Like hand-me-down clothes, the legacy of the haint faded as the years went by. For a few years the haint's appearance and Cha-Cha's triumph over it remained an indisputable, evergreen truth. It didn't matter that no subsequent resident of the big room had a night to rival Cha-Cha's. None of them ever admitted to hearing so much as a tap on the window during their times there. The original event was so remarkable that it did not require repetition. Cha-Cha took on an elevated status among the first six children; he had landed a punch on a haint and was somehow still breathing. But with each additional child who came along the story lost some of its luster. By the time it reached Lelah, the thirteenth and final Turner child, Francis Turner's five-word rebuttal, “Ain't no haints in Detroit,” was more famous within the family than the story behind it. It first gained a place in the Turner lexicon as a way to refute a claim, especially one that very well might be true—a signal of the speaker's refusal to discuss the matter further. The first six, confident that Francis Turner secretly believed in the haint's existence, popularized this usage. By Lelah's youth, the phrase had mutated into an accusation of leg pulling:

“Daddy said if I get an A in Mrs. Paulson's, he'd let me come on his truckin trip to Oregon.”

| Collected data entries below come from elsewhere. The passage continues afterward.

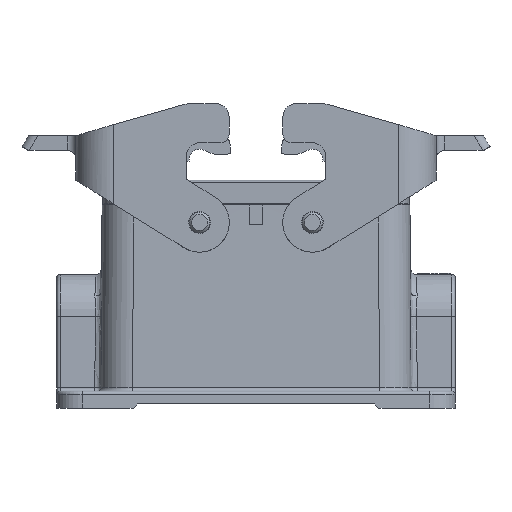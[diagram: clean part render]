
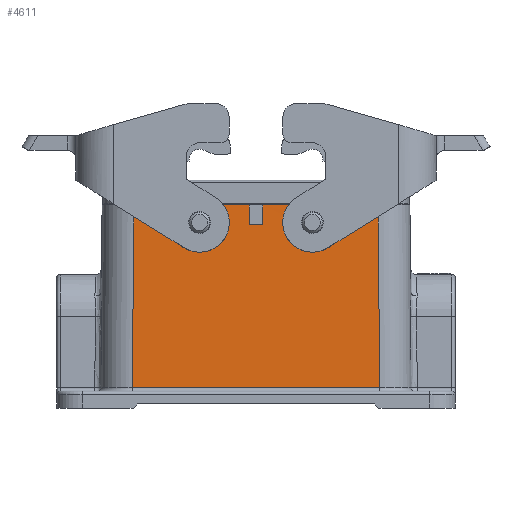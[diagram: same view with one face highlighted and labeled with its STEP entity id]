
A CAD part, front view. The second image highlights one B-rep face of the part: STEP entity #4611.
In plain terms, the highlighted planar face has unit normal (0, -1, 0.007).
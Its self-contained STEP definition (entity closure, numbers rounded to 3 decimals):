
#2217=B_SPLINE_CURVE_WITH_KNOTS('',3,(#16396,#16397,#16398,#16399,#16400,
#16401,#16402,#16403,#16404,#16405),.UNSPECIFIED.,.F.,.F.,(4,2,2,2,4),(0.,
0.25,0.5,0.75,1.),.UNSPECIFIED.);
#2218=B_SPLINE_CURVE_WITH_KNOTS('',3,(#16413,#16414,#16415,#16416,#16417,
#16418,#16419,#16420,#16421,#16422),.UNSPECIFIED.,.F.,.F.,(4,2,2,2,4),(0.,
0.25,0.5,0.75,1.),.UNSPECIFIED.);
#2298=ELLIPSE('',#12247,3.5,3.5);
#2299=ELLIPSE('',#12248,3.5,3.5);
#2430=LINE('',#16389,#3366);
#2431=LINE('',#16394,#3367);
#2432=LINE('',#16406,#3368);
#2433=LINE('',#16411,#3369);
#2434=LINE('',#16423,#3370);
#2435=LINE('',#16426,#3371);
#2436=LINE('',#16428,#3372);
#2437=LINE('',#16430,#3373);
#2438=LINE('',#16432,#3374);
#2439=LINE('',#16434,#3375);
#2440=LINE('',#16436,#3376);
#2441=LINE('',#16438,#3377);
#3366=VECTOR('',#13318,1.);
#3367=VECTOR('',#13321,1.);
#3368=VECTOR('',#13322,1.);
#3369=VECTOR('',#13325,1.);
#3370=VECTOR('',#13326,1.);
#3371=VECTOR('',#13327,1.);
#3372=VECTOR('',#13328,1.);
#3373=VECTOR('',#13329,1.);
#3374=VECTOR('',#13330,1.);
#3375=VECTOR('',#13331,1.);
#3376=VECTOR('',#13332,1.);
#3377=VECTOR('',#13333,1.);
#4299=PLANE('',#12249);
#4611=ADVANCED_FACE('',(#5427,#5428,#5429),#4299,.T.);
#5427=FACE_BOUND('',#5640,.T.);
#5428=FACE_BOUND('',#5641,.T.);
#5429=FACE_BOUND('',#5642,.T.);
#5640=EDGE_LOOP('',(#6365,#6366,#6367,#6368));
#5641=EDGE_LOOP('',(#6369,#6370,#6371,#6372));
#5642=EDGE_LOOP('',(#6373,#6374,#6375,#6376,#6377,#6378,#6379,#6380));
#6365=ORIENTED_EDGE('',*,*,#10377,.F.);
#6366=ORIENTED_EDGE('',*,*,#10378,.F.);
#6367=ORIENTED_EDGE('',*,*,#10379,.F.);
#6368=ORIENTED_EDGE('',*,*,#10380,.F.);
#6369=ORIENTED_EDGE('',*,*,#10381,.F.);
#6370=ORIENTED_EDGE('',*,*,#10382,.F.);
#6371=ORIENTED_EDGE('',*,*,#10383,.F.);
#6372=ORIENTED_EDGE('',*,*,#10384,.F.);
#6373=ORIENTED_EDGE('',*,*,#10385,.T.);
#6374=ORIENTED_EDGE('',*,*,#10386,.T.);
#6375=ORIENTED_EDGE('',*,*,#10387,.T.);
#6376=ORIENTED_EDGE('',*,*,#10388,.T.);
#6377=ORIENTED_EDGE('',*,*,#10389,.F.);
#6378=ORIENTED_EDGE('',*,*,#10390,.T.);
#6379=ORIENTED_EDGE('',*,*,#10391,.F.);
#6380=ORIENTED_EDGE('',*,*,#10392,.T.);
#9381=VERTEX_POINT('',#16390);
#9382=VERTEX_POINT('',#16391);
#9383=VERTEX_POINT('',#16393);
#9384=VERTEX_POINT('',#16395);
#9385=VERTEX_POINT('',#16407);
#9386=VERTEX_POINT('',#16408);
#9387=VERTEX_POINT('',#16410);
#9388=VERTEX_POINT('',#16412);
#9389=VERTEX_POINT('',#16424);
#9390=VERTEX_POINT('',#16425);
#9391=VERTEX_POINT('',#16427);
#9392=VERTEX_POINT('',#16429);
#9393=VERTEX_POINT('',#16431);
#9394=VERTEX_POINT('',#16433);
#9395=VERTEX_POINT('',#16435);
#9396=VERTEX_POINT('',#16437);
#10377=EDGE_CURVE('',#9381,#9382,#2430,.T.);
#10378=EDGE_CURVE('',#9383,#9381,#2298,.T.);
#10379=EDGE_CURVE('',#9384,#9383,#2431,.T.);
#10380=EDGE_CURVE('',#9382,#9384,#2217,.T.);
#10381=EDGE_CURVE('',#9385,#9386,#2432,.T.);
#10382=EDGE_CURVE('',#9387,#9385,#2299,.T.);
#10383=EDGE_CURVE('',#9388,#9387,#2433,.T.);
#10384=EDGE_CURVE('',#9386,#9388,#2218,.T.);
#10385=EDGE_CURVE('',#9389,#9390,#2434,.T.);
#10386=EDGE_CURVE('',#9390,#9391,#2435,.T.);
#10387=EDGE_CURVE('',#9391,#9392,#2436,.T.);
#10388=EDGE_CURVE('',#9392,#9393,#2437,.T.);
#10389=EDGE_CURVE('',#9394,#9393,#2438,.T.);
#10390=EDGE_CURVE('',#9394,#9395,#2439,.T.);
#10391=EDGE_CURVE('',#9396,#9395,#2440,.T.);
#10392=EDGE_CURVE('',#9396,#9389,#2441,.T.);
#12247=AXIS2_PLACEMENT_3D('',#16392,#13319,#13320);
#12248=AXIS2_PLACEMENT_3D('',#16409,#13323,#13324);
#12249=AXIS2_PLACEMENT_3D('',#16439,#13334,#13335);
#13318=DIRECTION('',(-1.,0.,0.));
#13319=DIRECTION('',(0.,-1.,0.007));
#13320=DIRECTION('',(0.,-0.007,-1.));
#13321=DIRECTION('',(-1.,0.,0.));
#13322=DIRECTION('',(-1.,0.,0.));
#13323=DIRECTION('',(0.,-1.,0.007));
#13324=DIRECTION('',(0.,-0.007,-1.));
#13325=DIRECTION('',(-1.,0.,0.));
#13326=DIRECTION('',(-0.009,-0.007,-1.));
#13327=DIRECTION('',(1.,0.,0.));
#13328=DIRECTION('',(-0.009,0.007,1.));
#13329=DIRECTION('',(-1.,0.,0.));
#13330=DIRECTION('',(0.,0.007,1.));
#13331=DIRECTION('',(-1.,0.,0.));
#13332=DIRECTION('',(0.,-0.007,-1.));
#13333=DIRECTION('',(-1.,0.,0.));
#13334=DIRECTION('',(0.,-1.,0.007));
#13335=DIRECTION('',(0.,-0.007,-1.));
#16389=CARTESIAN_POINT('',(57.,-21.531,1.55));
#16390=CARTESIAN_POINT('',(16.8,-21.531,1.55));
#16391=CARTESIAN_POINT('',(14.775,-21.531,1.55));
#16392=CARTESIAN_POINT('',(13.3,-21.531,1.55));
#16393=CARTESIAN_POINT('',(9.8,-21.531,1.55));
#16394=CARTESIAN_POINT('',(57.,-21.531,1.55));
#16395=CARTESIAN_POINT('',(11.825,-21.531,1.55));
#16396=CARTESIAN_POINT('',(14.775,-21.531,1.55));
#16397=CARTESIAN_POINT('',(14.775,-21.531,1.957));
#16398=CARTESIAN_POINT('',(14.631,-21.531,2.305));
#16399=CARTESIAN_POINT('',(14.055,-21.531,2.881));
#16400=CARTESIAN_POINT('',(13.707,-21.531,3.025));
#16401=CARTESIAN_POINT('',(12.893,-21.531,3.025));
#16402=CARTESIAN_POINT('',(12.545,-21.531,2.881));
#16403=CARTESIAN_POINT('',(11.969,-21.531,2.305));
#16404=CARTESIAN_POINT('',(11.825,-21.531,1.957));
#16405=CARTESIAN_POINT('',(11.825,-21.531,1.55));
#16406=CARTESIAN_POINT('',(57.,-21.531,1.55));
#16407=CARTESIAN_POINT('',(-9.8,-21.531,1.55));
#16408=CARTESIAN_POINT('',(-11.825,-21.531,1.55));
#16409=CARTESIAN_POINT('',(-13.3,-21.531,1.55));
#16410=CARTESIAN_POINT('',(-16.8,-21.531,1.55));
#16411=CARTESIAN_POINT('',(57.,-21.531,1.55));
#16412=CARTESIAN_POINT('',(-14.775,-21.531,1.55));
#16413=CARTESIAN_POINT('',(-11.825,-21.531,1.55));
#16414=CARTESIAN_POINT('',(-11.825,-21.531,1.957));
#16415=CARTESIAN_POINT('',(-11.969,-21.531,2.305));
#16416=CARTESIAN_POINT('',(-12.545,-21.531,2.881));
#16417=CARTESIAN_POINT('',(-12.893,-21.531,3.025));
#16418=CARTESIAN_POINT('',(-13.707,-21.531,3.025));
#16419=CARTESIAN_POINT('',(-14.055,-21.531,2.881));
#16420=CARTESIAN_POINT('',(-14.631,-21.531,2.305));
#16421=CARTESIAN_POINT('',(-14.775,-21.531,1.957));
#16422=CARTESIAN_POINT('',(-14.775,-21.531,1.55));
#16423=CARTESIAN_POINT('',(-29.169,-21.82,-37.515));
#16424=CARTESIAN_POINT('',(-28.8,-21.5,5.7));
#16425=CARTESIAN_POINT('',(-29.168,-21.819,-37.456));
#16426=CARTESIAN_POINT('',(29.175,-21.819,-37.456));
#16427=CARTESIAN_POINT('',(29.168,-21.819,-37.456));
#16428=CARTESIAN_POINT('',(29.177,-21.827,-38.487));
#16429=CARTESIAN_POINT('',(28.8,-21.5,5.7));
#16430=CARTESIAN_POINT('',(57.,-21.5,5.7));
#16431=CARTESIAN_POINT('',(1.6,-21.5,5.7));
#16432=CARTESIAN_POINT('',(1.6,-21.825,-38.25));
#16433=CARTESIAN_POINT('',(1.6,-21.535,1.));
#16434=CARTESIAN_POINT('',(57.,-21.535,1.));
#16435=CARTESIAN_POINT('',(-1.6,-21.535,1.));
#16436=CARTESIAN_POINT('',(-1.6,-21.825,-38.25));
#16437=CARTESIAN_POINT('',(-1.6,-21.5,5.7));
#16438=CARTESIAN_POINT('',(57.,-21.5,5.7));
#16439=CARTESIAN_POINT('',(57.,-21.825,-38.25));

“Or-e-gone? Come on, man. Ain't no haints in Detroit.”

Cha-Cha transported Chryslers throughout the Rust Belt on an eighteen-wheeler. The job was the closest thing to an inheritance that he received from his father. After his twenty-fifth birthday the old man took him to his truck yard, introduced him to the union boss, and ushered him into the world of eighteen-wheelers, all-nighters to Saint Louis, and the constant, cloying smell of diesel fuel. Cha-Cha joked with his brothers who'd joined the service that he was more decorated at Chrysler than all of them combined. This wasn't a warmly received joke, but it was true. He held records in the company for fewest accidents, best turnaround times, cleanest cab, leadership, and dependability. He did this for over three decades, until, if what he saw was really what he thought he saw, the haint tried to kill him.